Exercise requirements: Your answer must be an exact copy of the entries below, with every picture removed.

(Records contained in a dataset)
*** Block opens ***
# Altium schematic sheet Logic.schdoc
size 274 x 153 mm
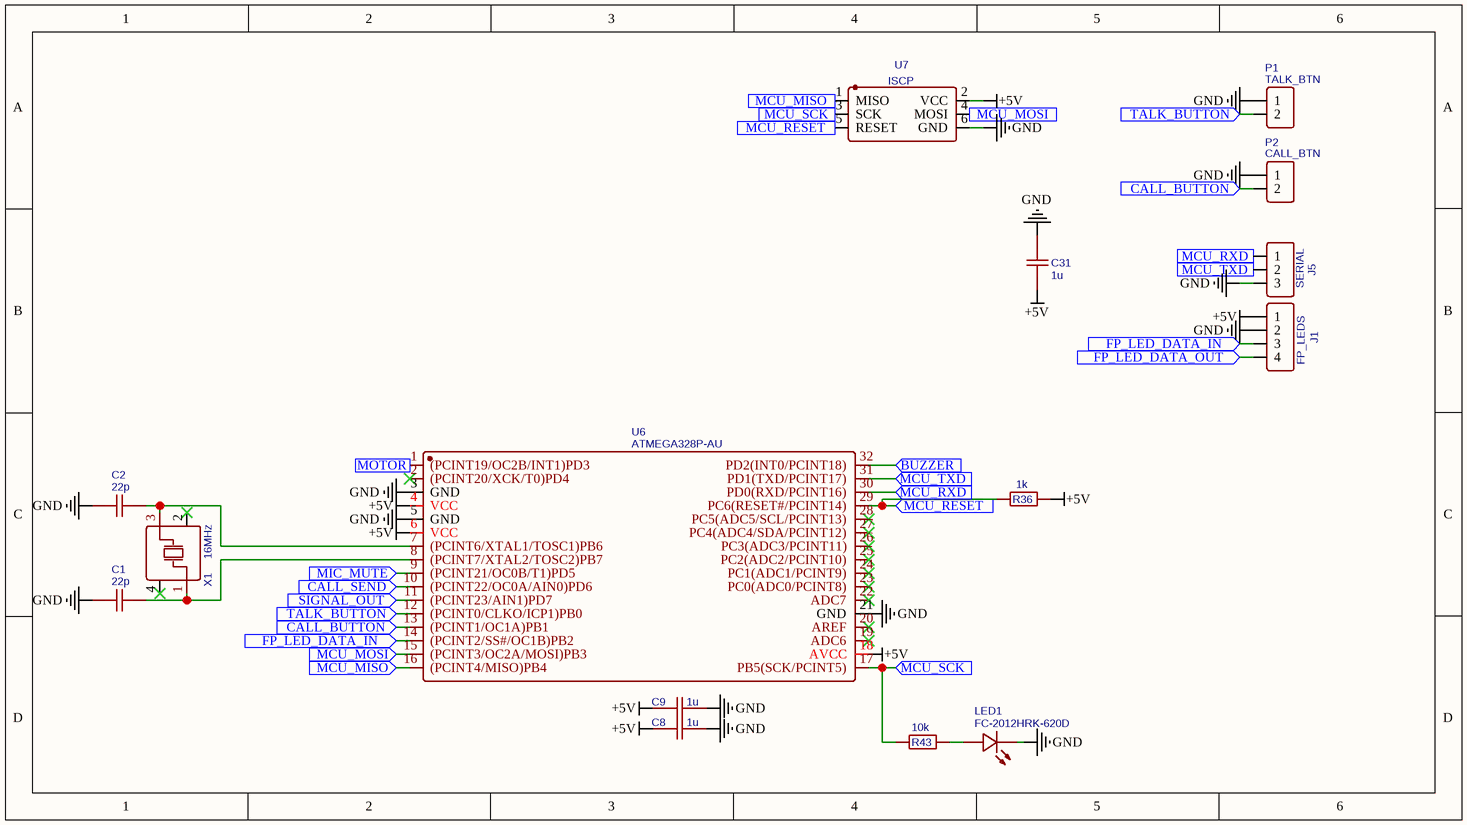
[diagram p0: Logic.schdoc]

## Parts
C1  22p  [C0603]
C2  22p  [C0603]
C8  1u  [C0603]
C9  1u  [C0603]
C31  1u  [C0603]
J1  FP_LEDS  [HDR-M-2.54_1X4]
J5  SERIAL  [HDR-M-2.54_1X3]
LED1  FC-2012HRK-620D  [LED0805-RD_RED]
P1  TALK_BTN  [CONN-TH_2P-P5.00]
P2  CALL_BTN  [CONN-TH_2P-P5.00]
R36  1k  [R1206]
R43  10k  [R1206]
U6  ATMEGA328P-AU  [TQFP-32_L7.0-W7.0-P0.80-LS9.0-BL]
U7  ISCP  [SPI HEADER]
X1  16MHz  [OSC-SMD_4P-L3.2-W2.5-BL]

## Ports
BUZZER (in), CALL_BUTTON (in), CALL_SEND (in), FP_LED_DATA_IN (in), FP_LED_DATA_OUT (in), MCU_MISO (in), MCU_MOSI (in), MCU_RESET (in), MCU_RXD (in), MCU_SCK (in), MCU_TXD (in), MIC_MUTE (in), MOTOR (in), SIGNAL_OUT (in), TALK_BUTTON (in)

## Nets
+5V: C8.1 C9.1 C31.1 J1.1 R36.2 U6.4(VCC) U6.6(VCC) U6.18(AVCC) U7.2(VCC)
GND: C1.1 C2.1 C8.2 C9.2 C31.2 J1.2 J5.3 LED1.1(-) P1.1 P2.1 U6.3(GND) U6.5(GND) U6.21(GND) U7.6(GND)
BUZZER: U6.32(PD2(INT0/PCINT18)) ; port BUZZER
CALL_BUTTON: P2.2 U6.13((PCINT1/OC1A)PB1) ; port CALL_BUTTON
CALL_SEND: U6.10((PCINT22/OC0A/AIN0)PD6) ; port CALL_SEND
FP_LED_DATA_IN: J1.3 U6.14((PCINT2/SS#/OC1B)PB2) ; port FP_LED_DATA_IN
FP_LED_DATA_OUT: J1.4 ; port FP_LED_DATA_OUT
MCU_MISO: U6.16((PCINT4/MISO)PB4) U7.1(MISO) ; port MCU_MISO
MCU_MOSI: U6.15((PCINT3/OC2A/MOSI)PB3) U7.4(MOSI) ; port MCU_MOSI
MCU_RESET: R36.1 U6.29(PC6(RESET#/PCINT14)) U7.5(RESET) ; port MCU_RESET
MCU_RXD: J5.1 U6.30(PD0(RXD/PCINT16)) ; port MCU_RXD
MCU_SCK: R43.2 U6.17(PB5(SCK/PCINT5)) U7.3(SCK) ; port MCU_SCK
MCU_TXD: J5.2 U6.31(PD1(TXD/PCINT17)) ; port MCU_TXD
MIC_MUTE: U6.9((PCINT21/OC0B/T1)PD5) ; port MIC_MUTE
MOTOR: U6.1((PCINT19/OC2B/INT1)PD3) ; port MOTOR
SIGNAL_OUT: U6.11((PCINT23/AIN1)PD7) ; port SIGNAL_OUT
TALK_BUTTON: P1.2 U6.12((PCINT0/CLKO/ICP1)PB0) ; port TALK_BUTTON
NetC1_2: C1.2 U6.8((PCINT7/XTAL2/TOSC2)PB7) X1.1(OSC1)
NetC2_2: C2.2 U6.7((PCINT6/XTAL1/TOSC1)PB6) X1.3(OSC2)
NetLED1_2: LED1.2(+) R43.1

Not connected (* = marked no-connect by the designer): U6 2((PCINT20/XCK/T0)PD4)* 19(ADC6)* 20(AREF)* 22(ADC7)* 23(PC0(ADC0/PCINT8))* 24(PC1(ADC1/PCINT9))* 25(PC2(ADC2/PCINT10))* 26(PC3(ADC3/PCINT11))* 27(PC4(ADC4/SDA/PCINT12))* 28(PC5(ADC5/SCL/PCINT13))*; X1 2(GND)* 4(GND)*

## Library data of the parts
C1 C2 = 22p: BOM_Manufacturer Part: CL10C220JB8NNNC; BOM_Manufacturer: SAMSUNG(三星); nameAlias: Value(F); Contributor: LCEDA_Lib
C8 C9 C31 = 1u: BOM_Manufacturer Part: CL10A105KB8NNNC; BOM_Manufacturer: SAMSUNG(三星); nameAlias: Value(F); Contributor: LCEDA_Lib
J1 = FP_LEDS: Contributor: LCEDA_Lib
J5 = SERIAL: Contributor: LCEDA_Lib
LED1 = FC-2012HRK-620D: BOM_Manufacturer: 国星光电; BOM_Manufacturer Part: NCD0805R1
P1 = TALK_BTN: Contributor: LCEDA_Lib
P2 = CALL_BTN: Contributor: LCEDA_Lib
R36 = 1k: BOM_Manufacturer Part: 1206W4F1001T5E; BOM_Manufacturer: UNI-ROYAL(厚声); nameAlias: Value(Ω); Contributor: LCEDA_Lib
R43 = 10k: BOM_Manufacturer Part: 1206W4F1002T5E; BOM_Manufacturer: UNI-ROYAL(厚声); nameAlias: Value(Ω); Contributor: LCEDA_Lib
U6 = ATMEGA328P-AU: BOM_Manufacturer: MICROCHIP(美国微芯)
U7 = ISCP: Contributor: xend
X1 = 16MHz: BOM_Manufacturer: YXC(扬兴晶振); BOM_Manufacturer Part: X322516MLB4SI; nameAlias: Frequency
*** Block closes ***
Response to this task:
# Altium schematic sheet Logic.schdoc
size 274 x 153 mm
[diagram p0: Logic.schdoc]

## Parts
C1  22p  [C0603]
C2  22p  [C0603]
C8  1u  [C0603]
C9  1u  [C0603]
C31  1u  [C0603]
J1  FP_LEDS  [HDR-M-2.54_1X4]
J5  SERIAL  [HDR-M-2.54_1X3]
LED1  FC-2012HRK-620D  [LED0805-RD_RED]
P1  TALK_BTN  [CONN-TH_2P-P5.00]
P2  CALL_BTN  [CONN-TH_2P-P5.00]
R36  1k  [R1206]
R43  10k  [R1206]
U6  ATMEGA328P-AU  [TQFP-32_L7.0-W7.0-P0.80-LS9.0-BL]
U7  ISCP  [SPI HEADER]
X1  16MHz  [OSC-SMD_4P-L3.2-W2.5-BL]

## Ports
BUZZER (in), CALL_BUTTON (in), CALL_SEND (in), FP_LED_DATA_IN (in), FP_LED_DATA_OUT (in), MCU_MISO (in), MCU_MOSI (in), MCU_RESET (in), MCU_RXD (in), MCU_SCK (in), MCU_TXD (in), MIC_MUTE (in), MOTOR (in), SIGNAL_OUT (in), TALK_BUTTON (in)

## Nets
+5V: C8.1 C9.1 C31.1 J1.1 R36.2 U6.4(VCC) U6.6(VCC) U6.18(AVCC) U7.2(VCC)
GND: C1.1 C2.1 C8.2 C9.2 C31.2 J1.2 J5.3 LED1.1(-) P1.1 P2.1 U6.3(GND) U6.5(GND) U6.21(GND) U7.6(GND)
BUZZER: U6.32(PD2(INT0/PCINT18)) ; port BUZZER
CALL_BUTTON: P2.2 U6.13((PCINT1/OC1A)PB1) ; port CALL_BUTTON
CALL_SEND: U6.10((PCINT22/OC0A/AIN0)PD6) ; port CALL_SEND
FP_LED_DATA_IN: J1.3 U6.14((PCINT2/SS#/OC1B)PB2) ; port FP_LED_DATA_IN
FP_LED_DATA_OUT: J1.4 ; port FP_LED_DATA_OUT
MCU_MISO: U6.16((PCINT4/MISO)PB4) U7.1(MISO) ; port MCU_MISO
MCU_MOSI: U6.15((PCINT3/OC2A/MOSI)PB3) U7.4(MOSI) ; port MCU_MOSI
MCU_RESET: R36.1 U6.29(PC6(RESET#/PCINT14)) U7.5(RESET) ; port MCU_RESET
MCU_RXD: J5.1 U6.30(PD0(RXD/PCINT16)) ; port MCU_RXD
MCU_SCK: R43.2 U6.17(PB5(SCK/PCINT5)) U7.3(SCK) ; port MCU_SCK
MCU_TXD: J5.2 U6.31(PD1(TXD/PCINT17)) ; port MCU_TXD
MIC_MUTE: U6.9((PCINT21/OC0B/T1)PD5) ; port MIC_MUTE
MOTOR: U6.1((PCINT19/OC2B/INT1)PD3) ; port MOTOR
SIGNAL_OUT: U6.11((PCINT23/AIN1)PD7) ; port SIGNAL_OUT
TALK_BUTTON: P1.2 U6.12((PCINT0/CLKO/ICP1)PB0) ; port TALK_BUTTON
NetC1_2: C1.2 U6.8((PCINT7/XTAL2/TOSC2)PB7) X1.1(OSC1)
NetC2_2: C2.2 U6.7((PCINT6/XTAL1/TOSC1)PB6) X1.3(OSC2)
NetLED1_2: LED1.2(+) R43.1

Not connected (* = marked no-connect by the designer): U6 2((PCINT20/XCK/T0)PD4)* 19(ADC6)* 20(AREF)* 22(ADC7)* 23(PC0(ADC0/PCINT8))* 24(PC1(ADC1/PCINT9))* 25(PC2(ADC2/PCINT10))* 26(PC3(ADC3/PCINT11))* 27(PC4(ADC4/SDA/PCINT12))* 28(PC5(ADC5/SCL/PCINT13))*; X1 2(GND)* 4(GND)*

## Library data of the parts
C1 C2 = 22p: BOM_Manufacturer Part: CL10C220JB8NNNC; BOM_Manufacturer: SAMSUNG(三星); nameAlias: Value(F); Contributor: LCEDA_Lib
C8 C9 C31 = 1u: BOM_Manufacturer Part: CL10A105KB8NNNC; BOM_Manufacturer: SAMSUNG(三星); nameAlias: Value(F); Contributor: LCEDA_Lib
J1 = FP_LEDS: Contributor: LCEDA_Lib
J5 = SERIAL: Contributor: LCEDA_Lib
LED1 = FC-2012HRK-620D: BOM_Manufacturer: 国星光电; BOM_Manufacturer Part: NCD0805R1
P1 = TALK_BTN: Contributor: LCEDA_Lib
P2 = CALL_BTN: Contributor: LCEDA_Lib
R36 = 1k: BOM_Manufacturer Part: 1206W4F1001T5E; BOM_Manufacturer: UNI-ROYAL(厚声); nameAlias: Value(Ω); Contributor: LCEDA_Lib
R43 = 10k: BOM_Manufacturer Part: 1206W4F1002T5E; BOM_Manufacturer: UNI-ROYAL(厚声); nameAlias: Value(Ω); Contributor: LCEDA_Lib
U6 = ATMEGA328P-AU: BOM_Manufacturer: MICROCHIP(美国微芯)
U7 = ISCP: Contributor: xend
X1 = 16MHz: BOM_Manufacturer: YXC(扬兴晶振); BOM_Manufacturer Part: X322516MLB4SI; nameAlias: Frequency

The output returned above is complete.